Article 2. WEB-BASED LICENCE

Section 2.01 Non-Exclusive Licence for Software Platform. For the duration of each Order Form Term, Service Provider grants to Client, and Client accepts, a non-transferable, non-exclusive licence and right to access the Software Platform via the world wide web and use the Software Platform as set out in that Order Form and this Agreement, for its own purpose and operations. Client acknowledges that its access and use of the Software Platform will be web-based only. The Software Platform will not be provided to the Client in CD-ROM form (or any other form of media) and will not be installed on any servers or other computer equipment (including smart phones and tablets) owned or otherwise controlled by Client. Instead, the Software Platform will be hosted by Service Provider and accessed and used by the Client through the use of the Internet and Client's computers or the Authorized Users' computers.

Section 2.02 Exclusive Licence for Web Interface. For the duration of each Order Form Term, Service Provider grants to Client, and Client accepts, a transferable, exclusive licence and right to use a Web Interface as set out in that Order Form and this Agreement, for its own purpose and operations.

Section 2.03 Expiration of Order Form Term. Upon the expiration of an Order Form Term (the “Expired Order Form”), and notwithstanding that the SaaS Term has not expired, the Service Provider shall revoke from the Client its Licenses pursuant to the Expired Order Form and the Client will cease using the Licenses pursuant to the Expired Order Form. Nothing in this provision extinguishes the Client's rights under Licenses pursuant to other Order Form(s) that have unexpired terms.

Article 3. SERVICES

Section 3.01 Services. For the duration of an Order Form Term, Service Provider shall provide to the Client the following Services:

(a) Activation and Maintenance of a Web Interface. Service Provider will use commercially reasonable efforts to perform the following:

(i) Service Provider will activate a Web Interface for the Client no later than Admin Access Start Date and provide to Client login credentials for the Web Interface and privileges permitting the Client to customize the Web Interface and create accounts for Authorized Users.

(ii) If an Order Form provides for customization by the Service Provider of the Web Interface, the Client provides Client Customization Specifications and the Service Provider approves the Client Customization Specifications, then the Service Provider will customize the Web Interface according to the Client Customization Specifications.

a. If Service Provider rejects a non-trivial aspect of the Client Customization Specifications, the Client may terminate the specific Order Form under which the Client Customization Specifications were issued upon twenty four (24) hours' notice and payment of all Fees.

b. Any changes to such specifications after submission to Service Provider must be approved by the Service Provider and will be subject to additional charges.

ii) Upon the Target Participant Access Start Date, Service Provider will provide Participants access to the Web Interface. At any time prior to the Target Participant Access Start Date, the Client may adjust the Target Participant Access Start Date using the tools available within the Web Interface. Service Provider may charge a fee for adjustments to the Target Participant Access Start Date requested by the Client after the Target Participant Access Start Date.

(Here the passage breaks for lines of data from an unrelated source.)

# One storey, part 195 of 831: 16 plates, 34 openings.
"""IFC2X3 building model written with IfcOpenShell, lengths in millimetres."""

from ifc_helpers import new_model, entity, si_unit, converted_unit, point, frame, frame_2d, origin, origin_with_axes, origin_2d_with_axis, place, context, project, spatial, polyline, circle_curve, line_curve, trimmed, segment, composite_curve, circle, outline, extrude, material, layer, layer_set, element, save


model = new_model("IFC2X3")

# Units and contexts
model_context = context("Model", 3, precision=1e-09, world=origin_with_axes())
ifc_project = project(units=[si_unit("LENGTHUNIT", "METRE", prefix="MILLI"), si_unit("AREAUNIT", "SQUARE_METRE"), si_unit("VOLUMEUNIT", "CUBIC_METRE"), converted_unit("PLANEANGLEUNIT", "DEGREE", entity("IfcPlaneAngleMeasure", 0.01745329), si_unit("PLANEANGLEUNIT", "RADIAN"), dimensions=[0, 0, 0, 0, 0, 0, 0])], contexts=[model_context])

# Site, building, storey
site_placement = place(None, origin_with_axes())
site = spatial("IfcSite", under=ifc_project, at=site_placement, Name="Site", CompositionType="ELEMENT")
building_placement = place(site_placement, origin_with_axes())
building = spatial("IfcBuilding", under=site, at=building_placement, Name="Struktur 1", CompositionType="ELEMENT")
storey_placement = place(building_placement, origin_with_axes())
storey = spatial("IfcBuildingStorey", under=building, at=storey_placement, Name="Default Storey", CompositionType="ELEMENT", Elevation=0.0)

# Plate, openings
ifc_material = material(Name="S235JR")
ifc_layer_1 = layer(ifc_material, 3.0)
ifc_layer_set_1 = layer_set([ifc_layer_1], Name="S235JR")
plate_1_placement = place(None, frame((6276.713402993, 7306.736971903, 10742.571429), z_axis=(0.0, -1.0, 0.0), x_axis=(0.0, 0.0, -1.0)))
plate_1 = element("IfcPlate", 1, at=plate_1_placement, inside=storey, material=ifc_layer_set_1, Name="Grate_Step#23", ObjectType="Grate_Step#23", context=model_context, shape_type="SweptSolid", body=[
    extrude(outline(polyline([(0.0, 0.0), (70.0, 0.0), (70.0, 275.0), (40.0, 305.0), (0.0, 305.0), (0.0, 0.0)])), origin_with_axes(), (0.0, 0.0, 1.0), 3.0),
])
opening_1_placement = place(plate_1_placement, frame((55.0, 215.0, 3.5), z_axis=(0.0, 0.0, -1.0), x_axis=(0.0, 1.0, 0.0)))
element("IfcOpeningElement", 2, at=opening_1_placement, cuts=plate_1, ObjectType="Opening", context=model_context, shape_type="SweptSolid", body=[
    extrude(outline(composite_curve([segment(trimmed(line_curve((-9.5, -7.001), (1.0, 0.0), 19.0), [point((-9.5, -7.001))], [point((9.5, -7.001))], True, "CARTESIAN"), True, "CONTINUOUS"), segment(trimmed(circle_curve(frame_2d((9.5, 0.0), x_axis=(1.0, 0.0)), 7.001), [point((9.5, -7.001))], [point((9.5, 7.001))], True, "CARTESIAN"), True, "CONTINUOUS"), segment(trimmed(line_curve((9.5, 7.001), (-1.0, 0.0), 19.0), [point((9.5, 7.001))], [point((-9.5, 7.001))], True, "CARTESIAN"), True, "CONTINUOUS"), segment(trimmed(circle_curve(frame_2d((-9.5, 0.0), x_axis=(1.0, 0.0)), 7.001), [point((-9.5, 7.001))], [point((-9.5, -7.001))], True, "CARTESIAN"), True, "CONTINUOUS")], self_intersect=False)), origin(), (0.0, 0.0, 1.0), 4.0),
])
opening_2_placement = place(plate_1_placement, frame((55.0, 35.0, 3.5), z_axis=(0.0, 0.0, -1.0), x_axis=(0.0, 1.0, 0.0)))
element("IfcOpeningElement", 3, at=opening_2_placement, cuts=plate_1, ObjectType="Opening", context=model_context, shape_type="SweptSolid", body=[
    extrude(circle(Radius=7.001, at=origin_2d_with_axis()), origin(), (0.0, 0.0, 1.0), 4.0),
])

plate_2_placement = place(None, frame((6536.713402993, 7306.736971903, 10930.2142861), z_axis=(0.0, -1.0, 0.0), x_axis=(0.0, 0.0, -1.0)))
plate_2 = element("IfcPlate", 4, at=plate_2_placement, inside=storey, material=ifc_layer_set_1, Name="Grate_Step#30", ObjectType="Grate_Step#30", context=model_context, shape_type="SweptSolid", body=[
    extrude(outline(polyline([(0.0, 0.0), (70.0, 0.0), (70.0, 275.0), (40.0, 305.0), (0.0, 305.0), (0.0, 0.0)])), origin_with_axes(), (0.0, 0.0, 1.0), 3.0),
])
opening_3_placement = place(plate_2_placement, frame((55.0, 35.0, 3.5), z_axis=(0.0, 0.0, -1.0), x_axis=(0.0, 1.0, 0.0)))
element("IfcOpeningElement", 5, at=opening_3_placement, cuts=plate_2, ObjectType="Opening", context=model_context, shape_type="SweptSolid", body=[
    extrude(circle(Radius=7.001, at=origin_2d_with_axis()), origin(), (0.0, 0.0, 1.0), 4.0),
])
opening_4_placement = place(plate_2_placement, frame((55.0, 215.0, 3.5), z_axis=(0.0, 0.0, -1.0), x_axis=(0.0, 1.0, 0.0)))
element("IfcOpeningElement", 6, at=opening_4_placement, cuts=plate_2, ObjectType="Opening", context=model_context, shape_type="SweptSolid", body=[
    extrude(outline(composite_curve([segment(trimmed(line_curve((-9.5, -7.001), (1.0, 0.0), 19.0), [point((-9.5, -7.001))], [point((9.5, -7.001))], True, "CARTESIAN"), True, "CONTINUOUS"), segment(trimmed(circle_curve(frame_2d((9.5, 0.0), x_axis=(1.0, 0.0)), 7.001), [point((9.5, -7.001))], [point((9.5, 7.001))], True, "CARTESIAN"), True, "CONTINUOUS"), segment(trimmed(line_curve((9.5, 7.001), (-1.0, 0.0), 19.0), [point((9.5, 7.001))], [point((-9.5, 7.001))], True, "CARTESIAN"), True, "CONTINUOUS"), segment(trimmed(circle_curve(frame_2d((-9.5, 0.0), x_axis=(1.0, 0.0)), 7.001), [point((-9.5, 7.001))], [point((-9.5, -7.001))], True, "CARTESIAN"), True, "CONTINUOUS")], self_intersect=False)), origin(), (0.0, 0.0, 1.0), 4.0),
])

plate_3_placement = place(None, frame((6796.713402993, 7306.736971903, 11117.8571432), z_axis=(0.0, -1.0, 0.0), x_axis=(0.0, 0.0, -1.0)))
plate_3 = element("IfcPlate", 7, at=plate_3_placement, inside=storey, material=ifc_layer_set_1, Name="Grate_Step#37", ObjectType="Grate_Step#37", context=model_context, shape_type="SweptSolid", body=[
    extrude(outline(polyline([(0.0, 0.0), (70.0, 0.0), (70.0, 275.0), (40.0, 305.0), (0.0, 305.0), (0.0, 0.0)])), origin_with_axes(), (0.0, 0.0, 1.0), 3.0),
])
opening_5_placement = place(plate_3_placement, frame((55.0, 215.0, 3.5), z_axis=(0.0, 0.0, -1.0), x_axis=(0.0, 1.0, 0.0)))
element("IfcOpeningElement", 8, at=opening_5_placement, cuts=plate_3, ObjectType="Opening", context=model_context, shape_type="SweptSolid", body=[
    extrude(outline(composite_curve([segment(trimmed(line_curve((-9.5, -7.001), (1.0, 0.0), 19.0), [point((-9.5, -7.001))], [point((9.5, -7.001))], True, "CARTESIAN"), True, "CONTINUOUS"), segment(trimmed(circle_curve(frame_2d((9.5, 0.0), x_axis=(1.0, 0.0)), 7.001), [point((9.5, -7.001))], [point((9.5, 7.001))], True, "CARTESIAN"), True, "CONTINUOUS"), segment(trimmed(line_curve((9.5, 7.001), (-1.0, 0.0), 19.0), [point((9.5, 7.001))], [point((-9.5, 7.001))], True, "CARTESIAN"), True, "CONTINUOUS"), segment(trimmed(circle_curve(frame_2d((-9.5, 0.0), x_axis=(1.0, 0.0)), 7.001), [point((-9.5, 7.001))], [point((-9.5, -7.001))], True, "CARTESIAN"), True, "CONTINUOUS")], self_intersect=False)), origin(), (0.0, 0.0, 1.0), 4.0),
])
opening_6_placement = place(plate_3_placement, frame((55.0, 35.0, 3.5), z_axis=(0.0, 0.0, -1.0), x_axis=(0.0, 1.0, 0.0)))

iii) Upon the Participant Access End Date, Service Provider will cease providing Participants access to the Web Interface. The Service Provider will continue to provide the Client access to the Web Interface.

(b) Hosting. Service Provider will use commercially reasonable efforts to perform the following:

(i) Service Provider will host, on Service Provider managed servers, the Software Platform and the Web Interface such that they can be accessed over the World Wide Web. Hosting may be conducted on the servers of Third Parties subject to the provisions of Article 12.

(ii) Service Provider will host, on Service Provider managed servers, the Client Content. Hosting may be conducted on the servers of Third Parties subject to the provisions of Article 12.

(c) Support. Service Provider will use commercially reasonable efforts to provide Client with reasonable technical support services in accordance with Service Provider's standard practice from 9 am to 5 pm EST on Business Days.

(d) Miscellaneous. Service Provider will use commercially reasonable efforts to provide Client with such other services as may be set out in the Order Form upon the terms contained therein.

Section 3.02 Expiration of Order Form Term. Upon the expiration of an Order Form Term (the “Expired Order Form”), and notwithstanding that the SaaS Term has not expired, the Service Provider will cease providing technical support services under the Expired Order Form and may de-activate the Web Interface and delete the Client Content hosted pursuant to an Expired Order Form without notice to the Client. The Service Provider will delete the Client Content hosted pursuant to an Expired Order Form within sixty (60) days of the expiration of an Expired Order Form.

Section 3.03 Interruption of Service. Upon demonstrating that the Services were unavailable, the Client shall be entitled to an extension of the Order Form Term by one day for each day of the Order Form Term in which there was a period where the Services were unavailable. Under the terms of this provision, the Order Form Term may not be extended by more days than its original length.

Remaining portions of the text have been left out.